LAHIRNYA UU No 40 tahun 1999 tentang Pers di awal reformasi merupakan harapan besar bagi hidupnya independensi media sebagai pilar keempat demokrasi (fourth estate). Roh dan semangat undang-undang tersebut juga punya hakikat "melepaskan" pengaruh kekuasaan dari aktifitas pers.

Karena pers adalah pilar keempat demokrasi, maka pers dibutuhkan agar tidak terjadi penyalahgunaan kekuasaan (abuse of power) oleh penyelenggara kekuasaan negara, karena itu diperlukan pers yang independen, bebas dari pengaruh kekuasaan mana pun, termasuk pengaruh kekuasaan pemilik media.

Pengaruh pemerintah pada pers pada hakekatnya merupakan masuknya pengaturan apapun terhadap usaha pers oleh pemerintah seperti yang dilakukan di era orde baru, dimana pemerintah melalui Departemen Penerangan, bisa membuat "rambu-rambu" untuk gerak media.

Meski pers independen, namun sebagai bagian dari kehidupan bernegara, pers membutuhkan hubungan dengan kekuasaan tanpa ikatan formil. Artinya, hubungan legislatif, yudikatif dan eksekutif dengan pers hanyalah hubungan dalam kerangka menjalan demokrasi sesuai dengan tujuannya, bukan untuk mencapai tujuan bersama.

Menilik regulasi pers di era reformasi, hampir seluruh isi UU No 40 tentang Pers sudah menjamin independensi pers, baik dari turunan peraturan maupun organ yang mendukung. Sayangnya, dalam implementasi hubungan dengan pemerintah, ada "garis api" yang tersentuh terutama dalam dukungan pemerintah untuk finansial perusahaan pers yang dapat mempengaruhi independensi pers.

Dalam banyak institusi pemerintahan, terutama daerah, terbangun konsensus "kerjasama media" yang dianggarkan khusus dalam Anggaran Pendapatan dan Belanja Daerah (APBD). Masuknya anggaran media sebagai satu pengeluaran daerah, pada hakekatnya adalah penyatuan tujuan antara pemerintah daerah dengan pers.

Menurut Kamus Besar Bahasa Indonesia (KBBI), kerjasama adalah kegiatan atau usaha yang dilakukan oleh beberapa orang (lembaga, pemerintah dan sebagainya) untuk mencapai tujuan bersama.

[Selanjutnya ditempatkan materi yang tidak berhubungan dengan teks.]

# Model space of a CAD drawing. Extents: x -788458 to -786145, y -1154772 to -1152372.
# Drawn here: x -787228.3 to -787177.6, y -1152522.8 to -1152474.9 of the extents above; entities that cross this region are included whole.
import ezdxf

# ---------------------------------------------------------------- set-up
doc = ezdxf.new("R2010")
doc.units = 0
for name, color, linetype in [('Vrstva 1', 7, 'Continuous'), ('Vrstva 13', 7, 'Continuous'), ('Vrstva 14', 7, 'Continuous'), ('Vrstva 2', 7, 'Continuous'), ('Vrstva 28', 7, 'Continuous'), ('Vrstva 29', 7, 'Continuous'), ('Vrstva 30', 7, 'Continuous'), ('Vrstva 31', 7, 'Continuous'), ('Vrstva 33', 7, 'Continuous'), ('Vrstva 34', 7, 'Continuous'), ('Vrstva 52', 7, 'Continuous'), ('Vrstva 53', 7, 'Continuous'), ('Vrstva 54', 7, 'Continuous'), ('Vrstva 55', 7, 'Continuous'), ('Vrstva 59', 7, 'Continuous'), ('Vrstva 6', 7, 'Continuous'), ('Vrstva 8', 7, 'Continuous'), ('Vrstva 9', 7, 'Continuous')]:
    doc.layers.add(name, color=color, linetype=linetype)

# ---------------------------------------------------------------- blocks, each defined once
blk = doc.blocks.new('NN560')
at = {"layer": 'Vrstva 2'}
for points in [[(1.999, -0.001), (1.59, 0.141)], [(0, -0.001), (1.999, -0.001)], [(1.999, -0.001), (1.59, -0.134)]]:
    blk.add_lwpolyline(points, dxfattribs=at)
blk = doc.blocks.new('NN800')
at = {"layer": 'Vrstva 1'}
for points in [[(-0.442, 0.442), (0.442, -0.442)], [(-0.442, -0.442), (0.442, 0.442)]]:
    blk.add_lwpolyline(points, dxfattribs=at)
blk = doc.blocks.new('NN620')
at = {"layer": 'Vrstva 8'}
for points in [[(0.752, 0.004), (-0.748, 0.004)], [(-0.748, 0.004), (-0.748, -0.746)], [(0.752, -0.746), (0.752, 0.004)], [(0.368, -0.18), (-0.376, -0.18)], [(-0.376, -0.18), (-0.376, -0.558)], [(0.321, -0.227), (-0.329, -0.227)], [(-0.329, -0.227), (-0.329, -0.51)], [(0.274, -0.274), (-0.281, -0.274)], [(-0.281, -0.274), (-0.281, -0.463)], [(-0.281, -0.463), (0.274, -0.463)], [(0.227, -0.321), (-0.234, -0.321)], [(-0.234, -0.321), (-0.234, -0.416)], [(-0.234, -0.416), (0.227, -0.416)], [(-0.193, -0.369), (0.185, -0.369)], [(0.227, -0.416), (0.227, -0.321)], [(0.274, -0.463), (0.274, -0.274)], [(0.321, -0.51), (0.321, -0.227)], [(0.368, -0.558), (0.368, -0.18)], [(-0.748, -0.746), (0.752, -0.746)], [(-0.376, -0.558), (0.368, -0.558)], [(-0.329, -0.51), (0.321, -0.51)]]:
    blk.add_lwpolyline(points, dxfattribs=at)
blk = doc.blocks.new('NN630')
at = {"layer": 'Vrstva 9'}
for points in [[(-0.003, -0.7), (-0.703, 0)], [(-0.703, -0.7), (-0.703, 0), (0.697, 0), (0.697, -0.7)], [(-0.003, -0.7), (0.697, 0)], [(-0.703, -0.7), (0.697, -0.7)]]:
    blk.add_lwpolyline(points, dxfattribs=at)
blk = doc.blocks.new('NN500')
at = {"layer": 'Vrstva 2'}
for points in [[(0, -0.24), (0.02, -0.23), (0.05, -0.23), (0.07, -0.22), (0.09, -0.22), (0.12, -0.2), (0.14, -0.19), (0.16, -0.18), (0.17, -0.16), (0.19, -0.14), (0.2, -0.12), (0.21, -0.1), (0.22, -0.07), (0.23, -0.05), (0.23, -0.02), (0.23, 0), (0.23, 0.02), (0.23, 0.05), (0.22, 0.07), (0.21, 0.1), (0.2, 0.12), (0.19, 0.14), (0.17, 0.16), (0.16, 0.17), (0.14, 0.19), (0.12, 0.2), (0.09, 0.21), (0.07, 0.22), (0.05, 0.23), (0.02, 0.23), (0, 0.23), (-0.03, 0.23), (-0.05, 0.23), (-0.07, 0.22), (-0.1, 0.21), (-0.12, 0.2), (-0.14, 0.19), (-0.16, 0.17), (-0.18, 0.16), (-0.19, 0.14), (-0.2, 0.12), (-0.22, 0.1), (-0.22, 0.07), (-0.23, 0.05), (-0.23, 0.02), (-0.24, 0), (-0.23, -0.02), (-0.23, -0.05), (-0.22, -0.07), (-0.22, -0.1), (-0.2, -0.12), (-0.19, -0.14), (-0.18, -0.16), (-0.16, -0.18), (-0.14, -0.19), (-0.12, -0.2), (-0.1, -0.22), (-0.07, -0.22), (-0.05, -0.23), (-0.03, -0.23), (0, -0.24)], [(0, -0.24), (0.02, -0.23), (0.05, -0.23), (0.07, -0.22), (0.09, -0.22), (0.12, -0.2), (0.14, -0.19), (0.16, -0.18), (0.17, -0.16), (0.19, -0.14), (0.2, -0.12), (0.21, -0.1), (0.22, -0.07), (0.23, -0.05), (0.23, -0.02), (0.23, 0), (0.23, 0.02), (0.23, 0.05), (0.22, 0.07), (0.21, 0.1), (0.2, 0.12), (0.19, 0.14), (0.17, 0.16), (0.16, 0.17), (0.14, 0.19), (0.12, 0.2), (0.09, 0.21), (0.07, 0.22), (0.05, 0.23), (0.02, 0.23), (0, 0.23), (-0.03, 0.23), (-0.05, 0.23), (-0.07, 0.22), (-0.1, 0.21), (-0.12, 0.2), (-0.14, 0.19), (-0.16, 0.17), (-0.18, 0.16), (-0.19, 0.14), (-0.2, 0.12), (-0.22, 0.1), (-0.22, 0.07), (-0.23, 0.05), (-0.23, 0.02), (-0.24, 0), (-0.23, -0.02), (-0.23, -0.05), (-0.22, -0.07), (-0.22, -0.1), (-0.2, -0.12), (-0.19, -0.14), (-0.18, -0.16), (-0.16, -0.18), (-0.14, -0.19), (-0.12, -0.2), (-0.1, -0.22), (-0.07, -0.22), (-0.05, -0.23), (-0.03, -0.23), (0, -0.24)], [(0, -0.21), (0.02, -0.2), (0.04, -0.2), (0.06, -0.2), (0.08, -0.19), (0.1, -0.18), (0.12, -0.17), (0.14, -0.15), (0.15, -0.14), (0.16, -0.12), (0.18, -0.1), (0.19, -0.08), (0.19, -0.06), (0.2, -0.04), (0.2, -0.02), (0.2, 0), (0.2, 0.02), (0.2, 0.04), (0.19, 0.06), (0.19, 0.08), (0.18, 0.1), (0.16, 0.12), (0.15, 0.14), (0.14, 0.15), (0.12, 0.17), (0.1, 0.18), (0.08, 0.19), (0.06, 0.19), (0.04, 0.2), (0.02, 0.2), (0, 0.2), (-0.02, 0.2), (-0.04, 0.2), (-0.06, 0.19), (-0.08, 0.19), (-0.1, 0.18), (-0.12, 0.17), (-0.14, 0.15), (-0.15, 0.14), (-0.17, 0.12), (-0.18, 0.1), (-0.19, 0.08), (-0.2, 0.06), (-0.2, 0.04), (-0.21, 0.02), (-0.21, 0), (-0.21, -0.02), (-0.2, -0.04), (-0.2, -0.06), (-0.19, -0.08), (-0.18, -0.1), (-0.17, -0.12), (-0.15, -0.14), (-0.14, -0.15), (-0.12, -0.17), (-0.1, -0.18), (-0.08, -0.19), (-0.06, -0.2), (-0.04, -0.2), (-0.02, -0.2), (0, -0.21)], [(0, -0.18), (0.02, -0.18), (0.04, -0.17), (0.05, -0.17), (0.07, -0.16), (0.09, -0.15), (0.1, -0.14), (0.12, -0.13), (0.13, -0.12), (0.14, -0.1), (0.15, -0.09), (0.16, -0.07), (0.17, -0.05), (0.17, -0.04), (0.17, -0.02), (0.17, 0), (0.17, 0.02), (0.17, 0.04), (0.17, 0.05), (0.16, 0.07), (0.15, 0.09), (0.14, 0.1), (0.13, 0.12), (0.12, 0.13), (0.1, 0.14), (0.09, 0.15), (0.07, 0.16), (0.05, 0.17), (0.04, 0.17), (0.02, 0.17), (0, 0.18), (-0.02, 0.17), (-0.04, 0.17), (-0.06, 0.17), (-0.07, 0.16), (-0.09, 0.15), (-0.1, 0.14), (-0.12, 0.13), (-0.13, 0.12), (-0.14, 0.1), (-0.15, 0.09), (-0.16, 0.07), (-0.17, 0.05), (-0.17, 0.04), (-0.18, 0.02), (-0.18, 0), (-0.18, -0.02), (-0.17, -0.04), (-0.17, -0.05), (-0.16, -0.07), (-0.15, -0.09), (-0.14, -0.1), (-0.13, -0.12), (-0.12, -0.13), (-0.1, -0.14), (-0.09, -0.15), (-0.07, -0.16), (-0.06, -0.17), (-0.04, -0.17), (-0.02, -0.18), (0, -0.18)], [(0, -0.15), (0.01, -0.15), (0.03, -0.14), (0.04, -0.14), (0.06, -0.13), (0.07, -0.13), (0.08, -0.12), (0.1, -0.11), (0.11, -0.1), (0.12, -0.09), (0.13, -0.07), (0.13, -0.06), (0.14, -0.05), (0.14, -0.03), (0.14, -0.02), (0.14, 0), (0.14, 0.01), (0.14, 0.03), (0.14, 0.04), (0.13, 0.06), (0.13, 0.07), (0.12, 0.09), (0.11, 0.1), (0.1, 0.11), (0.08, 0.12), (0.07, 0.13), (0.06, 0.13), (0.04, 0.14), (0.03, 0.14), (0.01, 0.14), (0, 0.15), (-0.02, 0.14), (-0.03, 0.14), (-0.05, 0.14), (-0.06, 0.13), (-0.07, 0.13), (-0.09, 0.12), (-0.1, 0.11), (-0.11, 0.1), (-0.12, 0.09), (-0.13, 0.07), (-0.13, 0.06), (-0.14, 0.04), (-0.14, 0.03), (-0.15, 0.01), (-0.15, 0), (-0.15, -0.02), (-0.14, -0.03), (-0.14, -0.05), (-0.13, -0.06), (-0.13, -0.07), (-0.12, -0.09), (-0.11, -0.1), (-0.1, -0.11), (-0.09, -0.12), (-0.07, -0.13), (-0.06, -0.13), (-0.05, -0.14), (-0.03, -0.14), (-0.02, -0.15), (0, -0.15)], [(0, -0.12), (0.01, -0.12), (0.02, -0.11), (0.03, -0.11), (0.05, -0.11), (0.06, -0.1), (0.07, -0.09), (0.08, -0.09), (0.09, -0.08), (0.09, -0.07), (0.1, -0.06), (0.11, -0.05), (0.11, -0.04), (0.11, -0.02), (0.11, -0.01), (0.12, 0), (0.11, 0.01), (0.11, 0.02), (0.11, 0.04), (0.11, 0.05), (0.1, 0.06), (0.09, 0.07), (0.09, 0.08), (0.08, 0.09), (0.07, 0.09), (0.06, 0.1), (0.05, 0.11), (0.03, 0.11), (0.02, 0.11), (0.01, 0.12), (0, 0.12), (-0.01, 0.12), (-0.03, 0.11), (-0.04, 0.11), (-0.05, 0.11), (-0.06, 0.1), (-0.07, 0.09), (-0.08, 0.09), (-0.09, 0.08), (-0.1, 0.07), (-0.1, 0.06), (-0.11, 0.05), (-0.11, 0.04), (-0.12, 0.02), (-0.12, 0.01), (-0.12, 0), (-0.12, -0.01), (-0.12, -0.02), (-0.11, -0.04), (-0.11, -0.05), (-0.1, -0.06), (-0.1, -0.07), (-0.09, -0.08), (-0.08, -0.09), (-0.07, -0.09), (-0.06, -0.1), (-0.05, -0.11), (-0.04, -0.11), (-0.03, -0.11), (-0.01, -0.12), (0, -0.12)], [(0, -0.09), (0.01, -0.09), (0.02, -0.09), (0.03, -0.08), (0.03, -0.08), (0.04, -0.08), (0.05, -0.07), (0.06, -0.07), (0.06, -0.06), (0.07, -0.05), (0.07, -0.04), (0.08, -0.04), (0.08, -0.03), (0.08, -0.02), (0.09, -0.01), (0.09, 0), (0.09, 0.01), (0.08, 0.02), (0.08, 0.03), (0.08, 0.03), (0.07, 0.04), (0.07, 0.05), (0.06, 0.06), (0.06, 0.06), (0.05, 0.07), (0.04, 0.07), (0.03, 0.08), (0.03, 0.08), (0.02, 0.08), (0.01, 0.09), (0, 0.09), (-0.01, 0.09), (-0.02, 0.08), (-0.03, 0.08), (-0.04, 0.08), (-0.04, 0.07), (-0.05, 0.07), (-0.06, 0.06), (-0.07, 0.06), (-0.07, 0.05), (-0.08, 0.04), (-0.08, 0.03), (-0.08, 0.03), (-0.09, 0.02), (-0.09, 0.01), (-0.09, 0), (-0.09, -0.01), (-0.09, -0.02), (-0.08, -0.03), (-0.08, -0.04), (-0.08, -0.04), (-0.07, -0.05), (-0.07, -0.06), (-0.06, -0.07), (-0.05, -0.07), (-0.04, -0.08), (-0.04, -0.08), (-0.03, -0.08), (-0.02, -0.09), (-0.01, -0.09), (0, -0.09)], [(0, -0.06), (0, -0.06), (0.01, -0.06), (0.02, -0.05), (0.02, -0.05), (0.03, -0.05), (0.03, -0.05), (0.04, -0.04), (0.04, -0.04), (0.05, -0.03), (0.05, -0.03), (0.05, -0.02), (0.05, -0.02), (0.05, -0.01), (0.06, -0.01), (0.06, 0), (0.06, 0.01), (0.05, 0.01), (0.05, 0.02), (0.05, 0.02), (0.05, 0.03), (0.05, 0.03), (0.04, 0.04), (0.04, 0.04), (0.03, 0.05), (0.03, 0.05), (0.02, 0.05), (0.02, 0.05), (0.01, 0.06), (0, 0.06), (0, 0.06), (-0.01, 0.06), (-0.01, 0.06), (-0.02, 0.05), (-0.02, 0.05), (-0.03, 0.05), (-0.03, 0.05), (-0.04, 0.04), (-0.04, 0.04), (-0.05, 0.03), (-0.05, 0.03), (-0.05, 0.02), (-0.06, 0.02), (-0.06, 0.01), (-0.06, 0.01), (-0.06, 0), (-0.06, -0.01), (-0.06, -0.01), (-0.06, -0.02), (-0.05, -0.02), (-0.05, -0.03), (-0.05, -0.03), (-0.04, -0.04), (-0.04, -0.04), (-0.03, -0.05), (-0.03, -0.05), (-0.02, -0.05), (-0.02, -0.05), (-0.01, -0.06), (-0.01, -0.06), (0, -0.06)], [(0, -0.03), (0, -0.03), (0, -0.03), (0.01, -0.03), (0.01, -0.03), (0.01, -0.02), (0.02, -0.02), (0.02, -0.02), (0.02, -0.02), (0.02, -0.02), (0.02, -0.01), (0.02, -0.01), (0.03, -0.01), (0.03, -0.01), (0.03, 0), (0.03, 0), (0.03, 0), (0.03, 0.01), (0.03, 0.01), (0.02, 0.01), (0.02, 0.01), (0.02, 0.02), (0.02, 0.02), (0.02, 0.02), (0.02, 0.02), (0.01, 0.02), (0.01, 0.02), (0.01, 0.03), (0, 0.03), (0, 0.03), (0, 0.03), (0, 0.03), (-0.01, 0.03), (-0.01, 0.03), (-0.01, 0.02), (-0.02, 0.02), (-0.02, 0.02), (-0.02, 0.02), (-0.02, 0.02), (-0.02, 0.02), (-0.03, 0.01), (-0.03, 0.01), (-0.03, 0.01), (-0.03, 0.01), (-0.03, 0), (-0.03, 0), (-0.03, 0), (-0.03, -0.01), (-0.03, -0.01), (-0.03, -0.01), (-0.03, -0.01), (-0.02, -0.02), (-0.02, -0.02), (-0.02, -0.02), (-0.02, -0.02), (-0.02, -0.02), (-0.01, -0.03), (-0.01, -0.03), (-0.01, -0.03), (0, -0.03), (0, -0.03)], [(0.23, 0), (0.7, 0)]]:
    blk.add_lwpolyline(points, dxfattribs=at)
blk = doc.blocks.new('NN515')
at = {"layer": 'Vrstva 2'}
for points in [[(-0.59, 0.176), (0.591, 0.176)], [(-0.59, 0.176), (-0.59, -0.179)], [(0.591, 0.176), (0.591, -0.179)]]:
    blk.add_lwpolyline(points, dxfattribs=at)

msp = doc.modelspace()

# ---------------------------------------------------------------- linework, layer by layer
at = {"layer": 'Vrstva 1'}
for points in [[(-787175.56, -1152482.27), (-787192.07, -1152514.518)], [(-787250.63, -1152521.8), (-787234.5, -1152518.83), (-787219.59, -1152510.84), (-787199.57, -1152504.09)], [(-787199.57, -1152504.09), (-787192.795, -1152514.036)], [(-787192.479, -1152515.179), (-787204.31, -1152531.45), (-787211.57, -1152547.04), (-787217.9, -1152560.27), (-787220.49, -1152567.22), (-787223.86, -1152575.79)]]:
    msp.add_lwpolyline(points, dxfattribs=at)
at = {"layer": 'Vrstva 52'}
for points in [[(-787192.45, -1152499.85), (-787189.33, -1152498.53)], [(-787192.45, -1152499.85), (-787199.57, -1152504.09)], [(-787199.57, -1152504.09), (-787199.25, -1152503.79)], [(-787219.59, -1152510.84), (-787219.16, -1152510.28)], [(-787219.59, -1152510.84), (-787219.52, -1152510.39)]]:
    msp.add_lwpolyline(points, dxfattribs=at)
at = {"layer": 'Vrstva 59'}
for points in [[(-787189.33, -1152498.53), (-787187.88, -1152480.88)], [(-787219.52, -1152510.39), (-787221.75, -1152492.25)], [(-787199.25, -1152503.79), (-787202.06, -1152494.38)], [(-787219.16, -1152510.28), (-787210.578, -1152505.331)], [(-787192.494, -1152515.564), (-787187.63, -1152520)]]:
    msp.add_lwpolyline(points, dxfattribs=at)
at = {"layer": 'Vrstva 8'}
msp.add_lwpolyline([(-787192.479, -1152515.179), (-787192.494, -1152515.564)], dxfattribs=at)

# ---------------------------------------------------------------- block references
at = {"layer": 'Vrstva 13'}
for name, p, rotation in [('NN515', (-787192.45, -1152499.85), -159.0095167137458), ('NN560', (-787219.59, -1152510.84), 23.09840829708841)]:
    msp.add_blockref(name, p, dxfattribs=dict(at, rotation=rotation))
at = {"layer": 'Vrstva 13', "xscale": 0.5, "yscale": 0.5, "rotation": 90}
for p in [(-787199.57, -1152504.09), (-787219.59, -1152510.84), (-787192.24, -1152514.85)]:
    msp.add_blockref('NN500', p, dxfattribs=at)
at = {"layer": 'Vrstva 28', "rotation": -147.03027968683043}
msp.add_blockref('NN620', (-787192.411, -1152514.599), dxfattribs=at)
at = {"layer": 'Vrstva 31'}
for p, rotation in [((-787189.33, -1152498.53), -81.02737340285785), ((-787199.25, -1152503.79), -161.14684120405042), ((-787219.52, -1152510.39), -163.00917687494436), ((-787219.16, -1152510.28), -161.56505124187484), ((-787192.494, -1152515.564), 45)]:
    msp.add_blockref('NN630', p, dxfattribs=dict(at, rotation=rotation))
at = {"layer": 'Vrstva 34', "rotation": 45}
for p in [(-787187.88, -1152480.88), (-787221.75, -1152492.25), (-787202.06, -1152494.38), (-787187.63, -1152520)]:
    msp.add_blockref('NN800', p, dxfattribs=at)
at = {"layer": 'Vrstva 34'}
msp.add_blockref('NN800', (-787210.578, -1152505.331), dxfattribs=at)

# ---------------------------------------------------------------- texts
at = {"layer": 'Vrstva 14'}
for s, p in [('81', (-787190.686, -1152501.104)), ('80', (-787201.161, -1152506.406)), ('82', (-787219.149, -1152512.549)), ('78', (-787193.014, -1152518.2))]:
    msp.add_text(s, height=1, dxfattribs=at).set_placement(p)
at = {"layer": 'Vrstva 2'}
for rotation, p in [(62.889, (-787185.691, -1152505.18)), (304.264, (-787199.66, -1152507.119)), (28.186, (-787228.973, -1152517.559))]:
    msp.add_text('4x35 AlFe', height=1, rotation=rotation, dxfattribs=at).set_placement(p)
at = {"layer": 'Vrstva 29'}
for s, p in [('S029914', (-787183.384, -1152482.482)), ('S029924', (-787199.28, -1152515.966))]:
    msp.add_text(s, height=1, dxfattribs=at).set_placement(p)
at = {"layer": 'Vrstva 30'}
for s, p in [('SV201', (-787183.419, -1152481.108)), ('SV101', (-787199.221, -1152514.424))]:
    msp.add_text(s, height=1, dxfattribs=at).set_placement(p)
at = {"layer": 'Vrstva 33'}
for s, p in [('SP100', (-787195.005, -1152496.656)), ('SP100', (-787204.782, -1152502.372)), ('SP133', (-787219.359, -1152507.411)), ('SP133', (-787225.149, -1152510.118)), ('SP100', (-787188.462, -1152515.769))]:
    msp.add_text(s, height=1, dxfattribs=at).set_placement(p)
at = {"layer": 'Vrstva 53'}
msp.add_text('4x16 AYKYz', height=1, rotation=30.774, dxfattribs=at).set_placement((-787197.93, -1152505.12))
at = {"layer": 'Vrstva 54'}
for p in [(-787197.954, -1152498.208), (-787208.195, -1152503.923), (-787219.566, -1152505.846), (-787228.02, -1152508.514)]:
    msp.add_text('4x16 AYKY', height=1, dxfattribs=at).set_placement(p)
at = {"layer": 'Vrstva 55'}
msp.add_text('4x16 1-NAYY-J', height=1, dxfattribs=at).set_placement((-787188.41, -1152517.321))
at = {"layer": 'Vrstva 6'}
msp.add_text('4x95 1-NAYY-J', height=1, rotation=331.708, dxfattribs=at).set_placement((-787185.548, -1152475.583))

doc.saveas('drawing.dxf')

Artinya, jika ada anggaran kerjasama media di APBD, maka ada tujuan bersama yang diharapkan dari anggaran yang diberikan. Dengan demikian, bisa saja fungsi pers sebagai alat kontrol pemerintah dari penyalahgunaan kekuasaan menjadi rancu dan hilangnya sebagian peran pers sebagai penyalur aspirasi rakyat.

Anggaran media dalam APBD jika dilihat dari independensi pers bisa menjadi ikatan yang membelenggu media untuk menjadi pilar keempat demokrasi. Karena itu, perlu penghapusan dan pencabutan mata anggaran tersebut dari anggaran pemerintah dan mengembalikannya ke pasar. Dalam arti, jika pemerintah memerlukan dukungan media untuk sosialisasi sebuah produk pemerintah, anggaran bisa dimasukkan ke dalam item kegiatan.

Sebaliknya dengan penghapusan anggaran kerjasama media dari APBD -- sesuai dengan UU No 40 tahun 1999 pasal 3 ayat 2, pers bisa menjalankan fungsi sebagai lembaga ekonomi, yang bisa membangun hubungan ekonomi tanpa mempengaruhi fungsi dan peran pers. ***

• Penulis adalah praktisi media, tinggal di Pekanbaru.